Flopping — that deceiving act of feigning contact — has seen its last days in the NBA. The league is finalizing ways to deal with the trickery designed to fool referees into calling a foul, most likely with fines.
NBA spokesman Tim Frank said the competition committee met two weeks ago and discussed plans that would go in place this season. Commissioner David Stern believes too many players are deceiving referees by flopping and has been seeking a way to properly penalize them.
The procedures likely will involve a postgame review of the play by the league office, rather than an official calling an infraction during the game, Frank said. Players likely would be fined if the league determined they flopped.
The proposed plan mirrors a “postgame analysis” option Stern discussed after the competition committee met in June. The league already retroactively reviews flagrant fouls to determine if they need to be upgraded or downgraded.

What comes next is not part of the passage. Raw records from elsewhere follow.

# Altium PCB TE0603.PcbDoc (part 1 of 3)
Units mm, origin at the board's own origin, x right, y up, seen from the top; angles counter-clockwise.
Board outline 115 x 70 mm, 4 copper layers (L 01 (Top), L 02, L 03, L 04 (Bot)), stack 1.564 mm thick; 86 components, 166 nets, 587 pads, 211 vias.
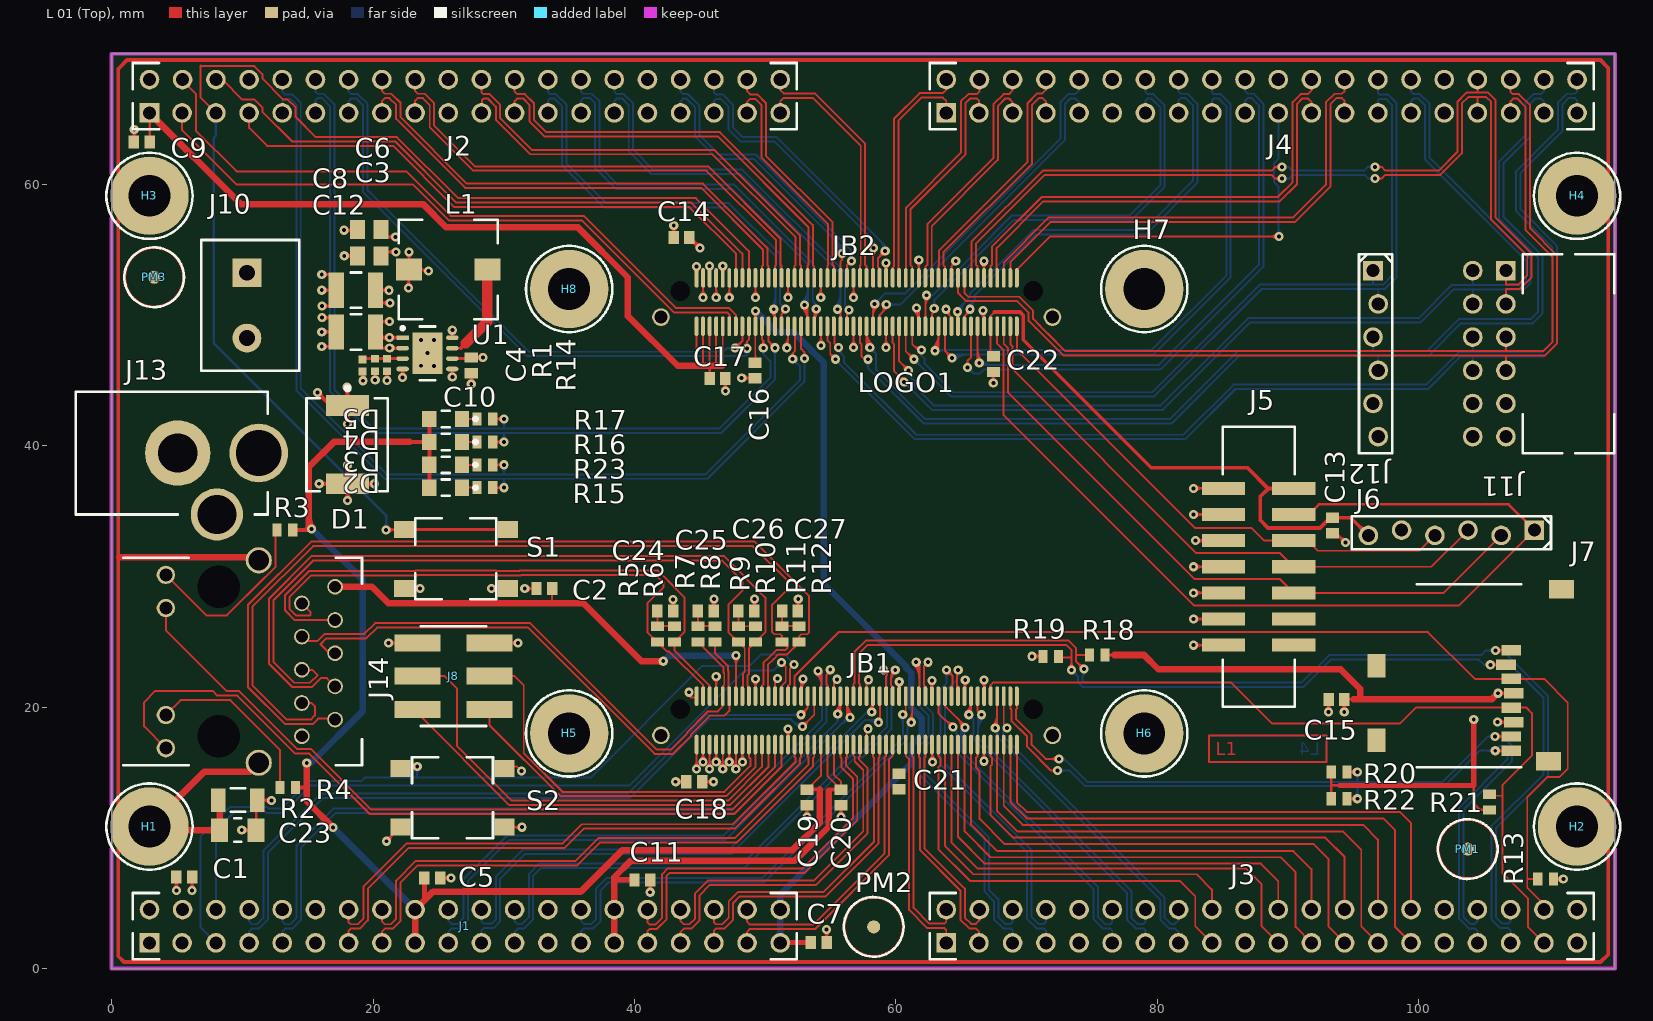
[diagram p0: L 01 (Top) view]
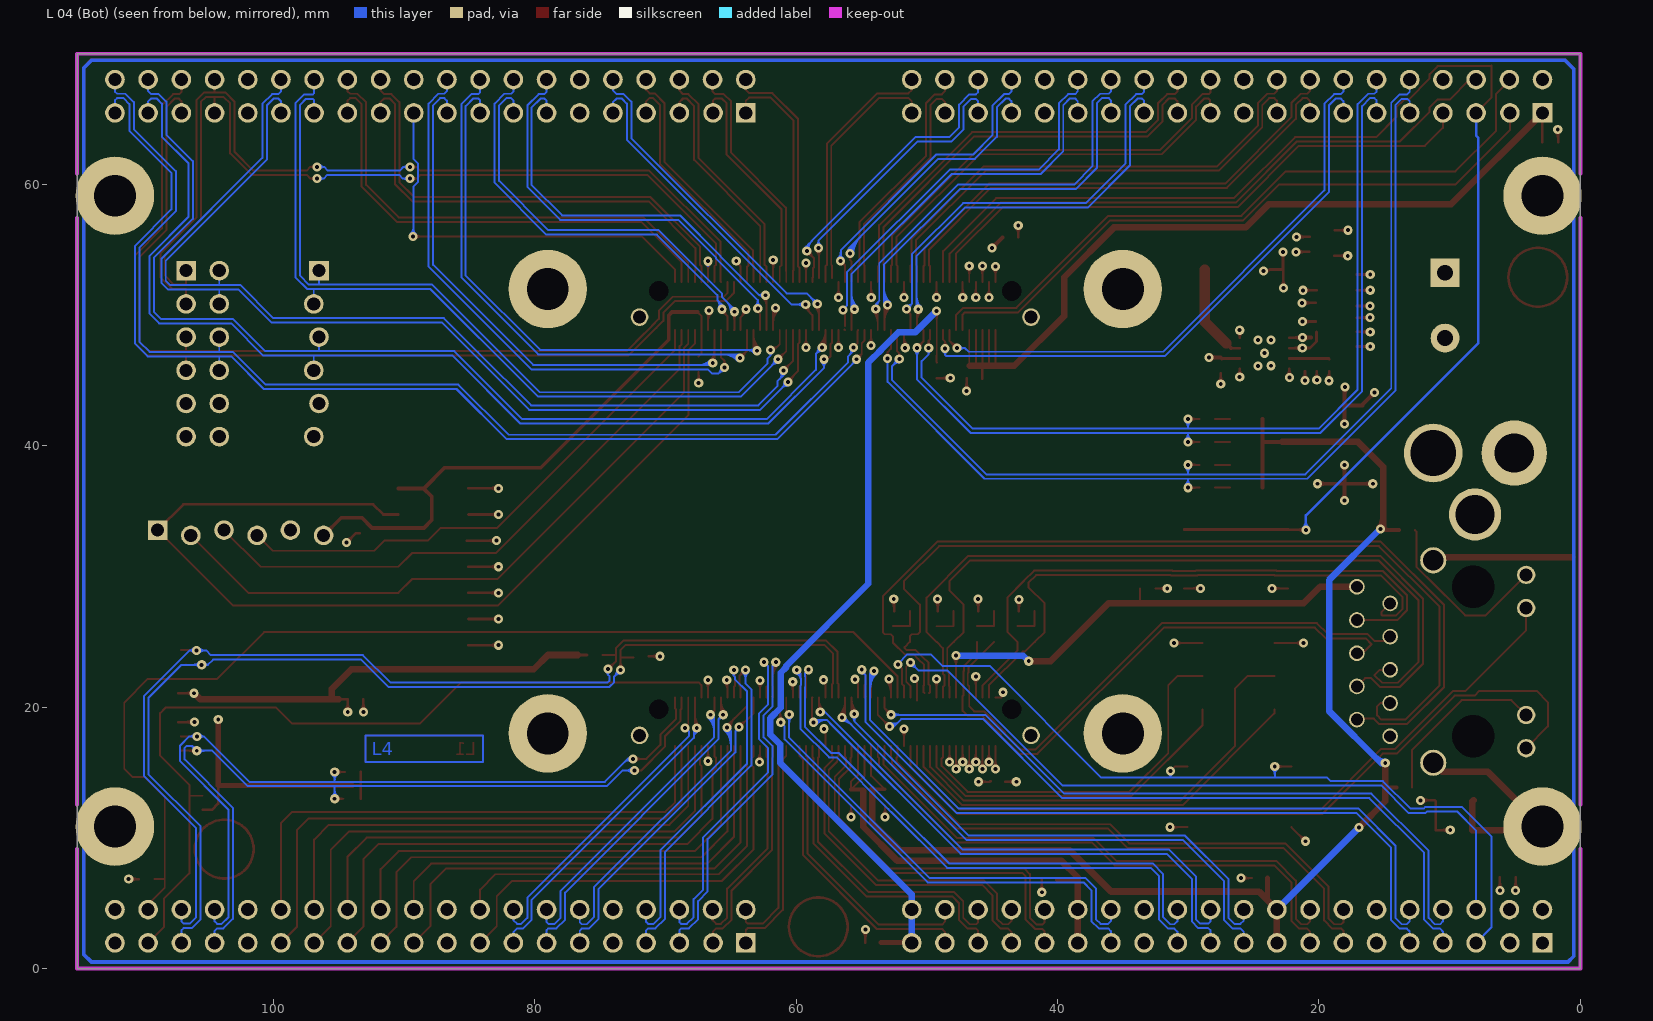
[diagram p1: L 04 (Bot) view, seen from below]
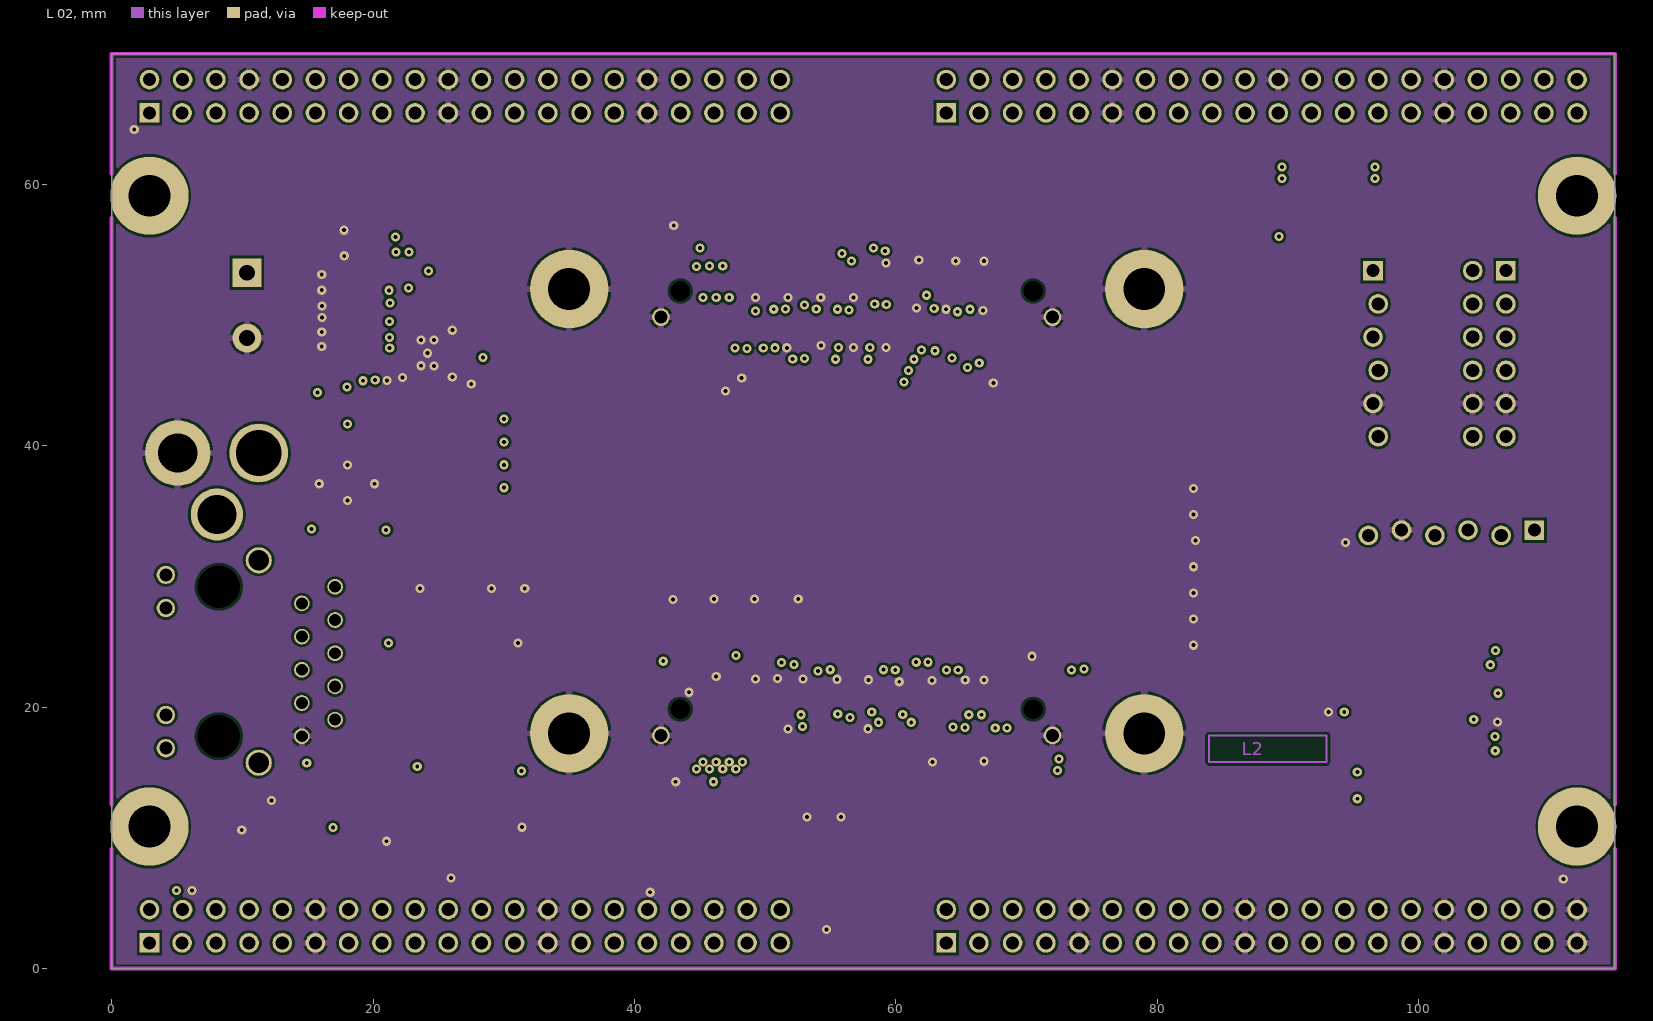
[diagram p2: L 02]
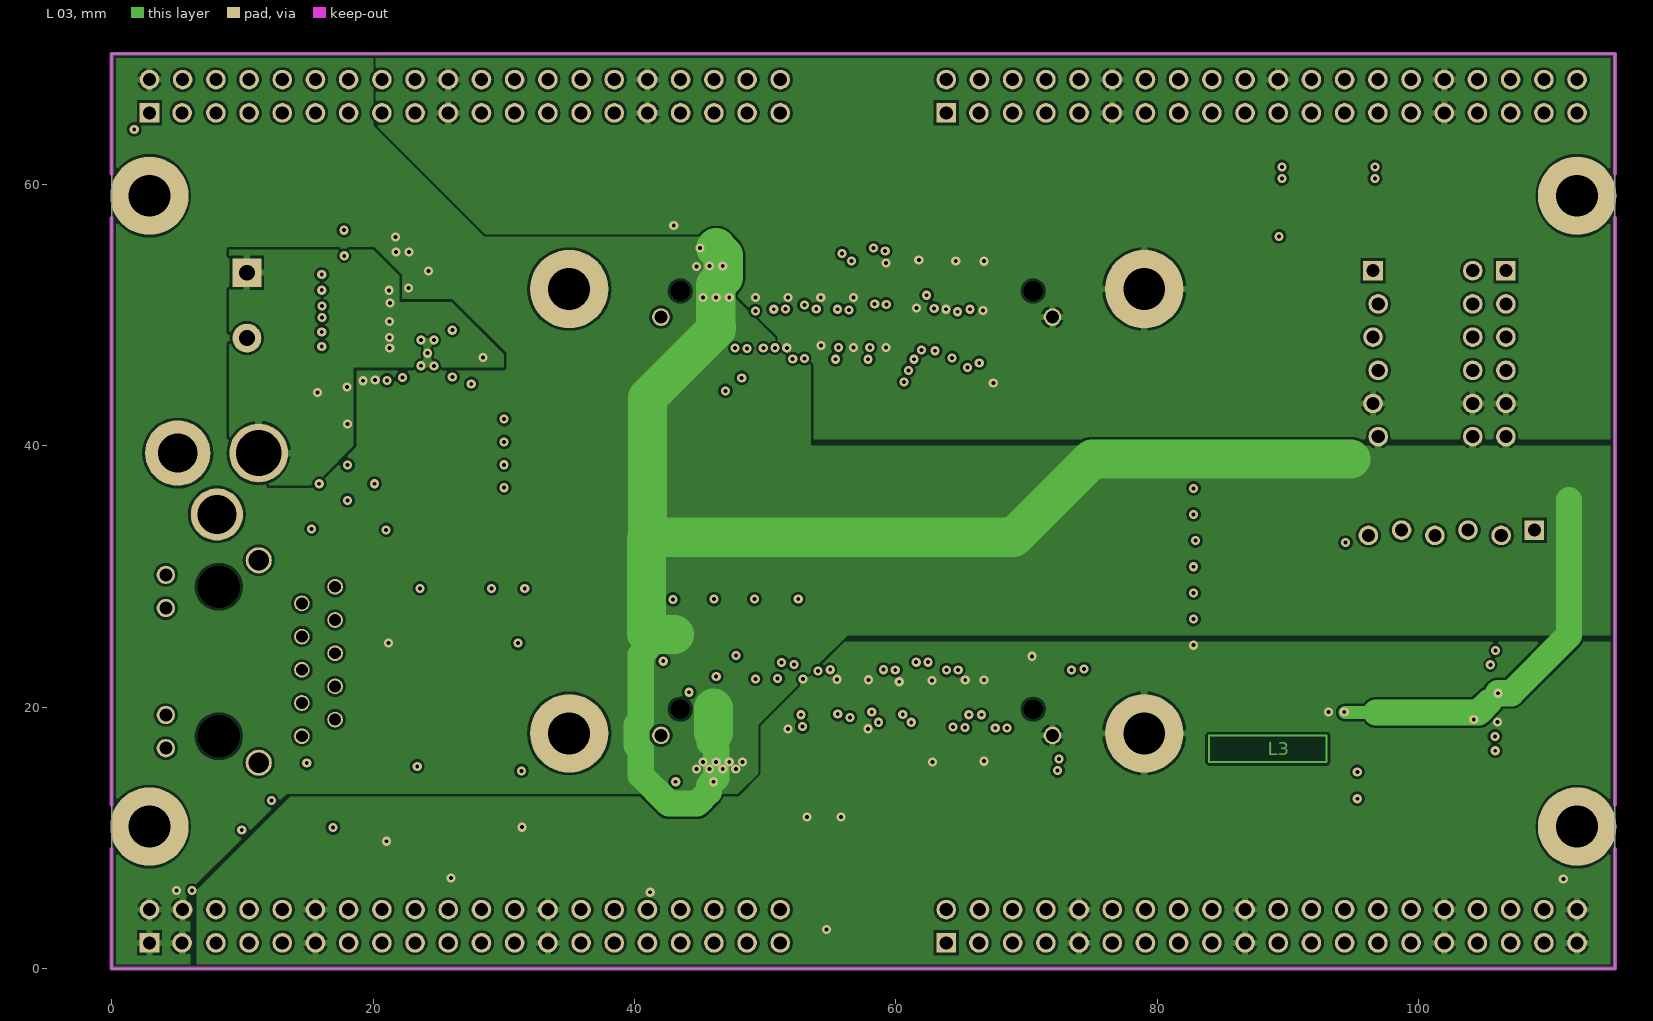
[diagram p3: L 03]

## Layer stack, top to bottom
L 01 (Top): signal copper 0.05
Dielectric: core 0.134, FR-4, Dk 4.8
L 02: signal copper 0.033
Dielectric: prepreg 1.13, FR-4, Dk 4.8
L 03: signal copper 0.033
Dielectric: core 0.134, FR-4, Dk 4.8
L 04 (Bot): signal copper 0.05

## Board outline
0.001,-0.001 0.001,69.999 115.001,69.999 115.001,-0.001

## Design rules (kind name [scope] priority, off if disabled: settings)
Clearance Clearance_Polygon [(InPolygon)] p1: gap=0.2
Clearance [All] p2: gap=0.19
ComponentClearance [All] p1: gap=-0.05 collisioncheckmode=3 verticalgap=0.254 showdistances=FALSE
DiffPairsRouting [All] p1: maxlimit=1 minlimit=0.189 mostfreqgap=1 toplayer_maxgap=0.191 toplayer_prefgap=0.19 midlayer1_mingap=1 midlayer2_mingap=1 bottomlayer_maxgap=0.191 bottomlayer_prefgap=0.19 maxuncoupledlength=20
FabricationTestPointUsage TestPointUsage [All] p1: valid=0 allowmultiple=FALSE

“If you continue to do this, you may you have to suffer some consequences,” Stern said about flopping during the NBA Finals. “What those exactly should be and what the progression is, is to be decided, because . . . we just want to put a stake in the ground that says this is not something that we want to be part of our game, without coming down with a sledgehammer but just doing it in a minimalist way to begin stamping it out. And I think there are ways we can do that and we’ll have to wait and see exactly what we come up with.”
The league’s 62-person referee staff is holding its training camp, its first under the leadership of former NBA player and longtime league executive Mike Bantom. Bantom replaced Gen. Ron Johnson as executive vice president of referee operations earlier this month.
“I think one of the things that I’d just like to focus on is I think there’s a perception out there that kind of throws into question sometimes the competence of our officials and even the integrity of them at times, and I think that that’s not true to begin with and unfair, and I want to try and change that perception,” Bantom said.